§ **Records from a collection**:
+ + + + + + +

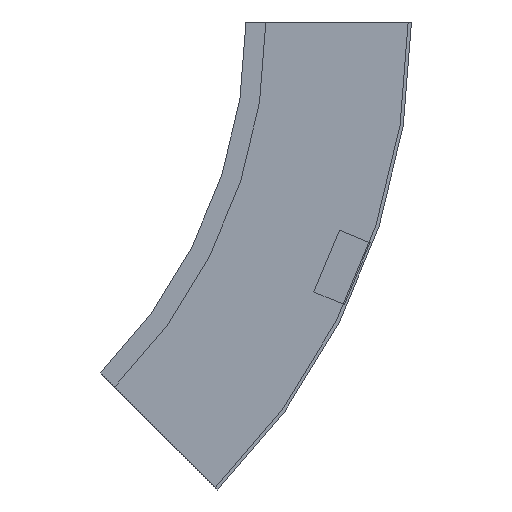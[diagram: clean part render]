
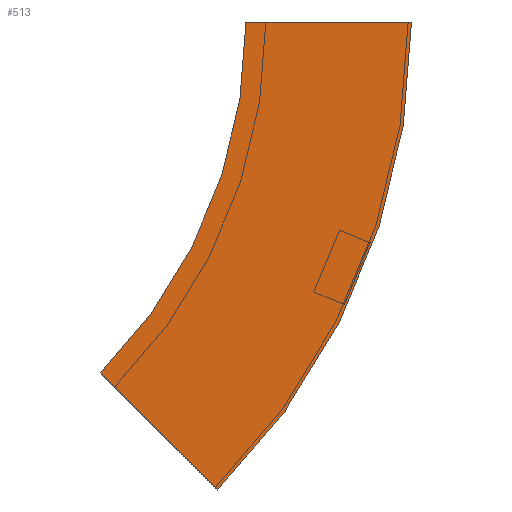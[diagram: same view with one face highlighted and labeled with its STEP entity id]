
A CAD part, left-side view. The second image highlights one B-rep face of the part: STEP entity #513.
In plain terms, the highlighted planar face has unit normal (-1, 0, 0) as drawn and (1, 0, 0) by its records, which use the part's own axes.
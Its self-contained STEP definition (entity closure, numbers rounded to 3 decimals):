
#20 = DIRECTION ( 'NONE',  ( 0., 0., 1. ) ) ;
#23 = LINE ( 'NONE', #164, #355 ) ;
#35 = EDGE_CURVE ( 'NONE', #100, #84, #459, .T. ) ;
#51 = VERTEX_POINT ( 'NONE', #210 ) ;
#66 = DIRECTION ( 'NONE',  ( 0., -1., 0. ) ) ;
#68 = CARTESIAN_POINT ( 'NONE',  ( 0., 300., 0. ) ) ;
#84 = VERTEX_POINT ( 'NONE', #489 ) ;
#100 = VERTEX_POINT ( 'NONE', #455 ) ;
#107 = DIRECTION ( 'NONE',  ( 1., 0., 0. ) ) ;
#109 = AXIS2_PLACEMENT_3D ( 'NONE', #68, #107, #119 ) ;
#119 = DIRECTION ( 'NONE',  ( 0., -1., 0. ) ) ;
#144 = CIRCLE ( 'NONE', #401, 300. ) ;
#148 = DIRECTION ( 'NONE',  ( 0., 1., 0. ) ) ;
#164 = CARTESIAN_POINT ( 'NONE',  ( 0., 17.157, -282.843 ) ) ;
#187 = EDGE_CURVE ( 'NONE', #84, #51, #144, .T. ) ;
#210 = CARTESIAN_POINT ( 'NONE',  ( 0., 87.868, -212.132 ) ) ;
#211 = CARTESIAN_POINT ( 'NONE',  ( 0., 300., 0. ) ) ;
#213 = DIRECTION ( 'NONE',  ( 0., 0.707, 0.707 ) ) ;
#298 = PLANE ( 'NONE',  #521 ) ;
#303 = VERTEX_POINT ( 'NONE', #450 ) ;
#338 = CIRCLE ( 'NONE', #109, 400. ) ;
#339 = ORIENTED_EDGE ( 'NONE', *, *, #502, .T. ) ;
#342 = ORIENTED_EDGE ( 'NONE', *, *, #488, .T. ) ;
#355 = VECTOR ( 'NONE', #213, 1000. ) ;
#376 = FACE_OUTER_BOUND ( 'NONE', #532, .T. ) ;
#377 = CARTESIAN_POINT ( 'NONE',  ( 0., -100., 0. ) ) ;
#383 = DIRECTION ( 'NONE',  ( 1., 0., 0. ) ) ;
#401 = AXIS2_PLACEMENT_3D ( 'NONE', #211, #383, #66 ) ;
#419 = VECTOR ( 'NONE', #148, 1000. ) ;
#439 = ORIENTED_EDGE ( 'NONE', *, *, #187, .F. ) ;
#450 = CARTESIAN_POINT ( 'NONE',  ( 0., 17.157, -282.843 ) ) ;
#455 = CARTESIAN_POINT ( 'NONE',  ( 0., -100., 0. ) ) ;
#459 = LINE ( 'NONE', #377, #419 ) ;
#466 = CARTESIAN_POINT ( 'NONE',  ( 0., -100., 0. ) ) ;
#488 = EDGE_CURVE ( 'NONE', #303, #51, #23, .T. ) ;
#489 = CARTESIAN_POINT ( 'NONE',  ( 0., 0., 0. ) ) ;
#502 = EDGE_CURVE ( 'NONE', #100, #303, #338, .T. ) ;
#513 = ADVANCED_FACE ( 'NONE', ( #376 ), #298, .F. ) ;
#521 = AXIS2_PLACEMENT_3D ( 'NONE', #466, #555, #20 ) ;
#524 = ORIENTED_EDGE ( 'NONE', *, *, #35, .F. ) ;
#532 = EDGE_LOOP ( 'NONE', ( #439, #524, #339, #342 ) ) ;
#555 = DIRECTION ( 'NONE',  ( -1., 0., 0. ) ) ;

+ + + + + + +

§ **TASK DIRECTIONS**: First drop every picture, then print the data above exactly as it stands.

§ **REPLY TO THE TASK**:
[diagram: clean part render]
[diagram: same view with one face highlighted and labeled with its STEP entity id]
A CAD part, left-side view. The second image highlights one B-rep face of the part: STEP entity #513.
In plain terms, the highlighted planar face has unit normal (-1, 0, 0) as drawn and (1, 0, 0) by its records, which use the part's own axes.
Its self-contained STEP definition (entity closure, numbers rounded to 3 decimals):
#20 = DIRECTION ( 'NONE',  ( 0., 0., 1. ) ) ;
#23 = LINE ( 'NONE', #164, #355 ) ;
#35 = EDGE_CURVE ( 'NONE', #100, #84, #459, .T. ) ;
#51 = VERTEX_POINT ( 'NONE', #210 ) ;
#66 = DIRECTION ( 'NONE',  ( 0., -1., 0. ) ) ;
#68 = CARTESIAN_POINT ( 'NONE',  ( 0., 300., 0. ) ) ;
#84 = VERTEX_POINT ( 'NONE', #489 ) ;
#100 = VERTEX_POINT ( 'NONE', #455 ) ;
#107 = DIRECTION ( 'NONE',  ( 1., 0., 0. ) ) ;
#109 = AXIS2_PLACEMENT_3D ( 'NONE', #68, #107, #119 ) ;
#119 = DIRECTION ( 'NONE',  ( 0., -1., 0. ) ) ;
#144 = CIRCLE ( 'NONE', #401, 300. ) ;
#148 = DIRECTION ( 'NONE',  ( 0., 1., 0. ) ) ;
#164 = CARTESIAN_POINT ( 'NONE',  ( 0., 17.157, -282.843 ) ) ;
#187 = EDGE_CURVE ( 'NONE', #84, #51, #144, .T. ) ;
#210 = CARTESIAN_POINT ( 'NONE',  ( 0., 87.868, -212.132 ) ) ;
#211 = CARTESIAN_POINT ( 'NONE',  ( 0., 300., 0. ) ) ;
#213 = DIRECTION ( 'NONE',  ( 0., 0.707, 0.707 ) ) ;
#298 = PLANE ( 'NONE',  #521 ) ;
#303 = VERTEX_POINT ( 'NONE', #450 ) ;
#338 = CIRCLE ( 'NONE', #109, 400. ) ;
#339 = ORIENTED_EDGE ( 'NONE', *, *, #502, .T. ) ;
#342 = ORIENTED_EDGE ( 'NONE', *, *, #488, .T. ) ;
#355 = VECTOR ( 'NONE', #213, 1000. ) ;
#376 = FACE_OUTER_BOUND ( 'NONE', #532, .T. ) ;
#377 = CARTESIAN_POINT ( 'NONE',  ( 0., -100., 0. ) ) ;
#383 = DIRECTION ( 'NONE',  ( 1., 0., 0. ) ) ;
#401 = AXIS2_PLACEMENT_3D ( 'NONE', #211, #383, #66 ) ;
#419 = VECTOR ( 'NONE', #148, 1000. ) ;
#439 = ORIENTED_EDGE ( 'NONE', *, *, #187, .F. ) ;
#450 = CARTESIAN_POINT ( 'NONE',  ( 0., 17.157, -282.843 ) ) ;
#455 = CARTESIAN_POINT ( 'NONE',  ( 0., -100., 0. ) ) ;
#459 = LINE ( 'NONE', #377, #419 ) ;
#466 = CARTESIAN_POINT ( 'NONE',  ( 0., -100., 0. ) ) ;
#488 = EDGE_CURVE ( 'NONE', #303, #51, #23, .T. ) ;
#489 = CARTESIAN_POINT ( 'NONE',  ( 0., 0., 0. ) ) ;
#502 = EDGE_CURVE ( 'NONE', #100, #303, #338, .T. ) ;
#513 = ADVANCED_FACE ( 'NONE', ( #376 ), #298, .F. ) ;
#521 = AXIS2_PLACEMENT_3D ( 'NONE', #466, #555, #20 ) ;
#524 = ORIENTED_EDGE ( 'NONE', *, *, #35, .F. ) ;
#532 = EDGE_LOOP ( 'NONE', ( #439, #524, #339, #342 ) ) ;
#555 = DIRECTION ( 'NONE',  ( -1., 0., 0. ) ) ;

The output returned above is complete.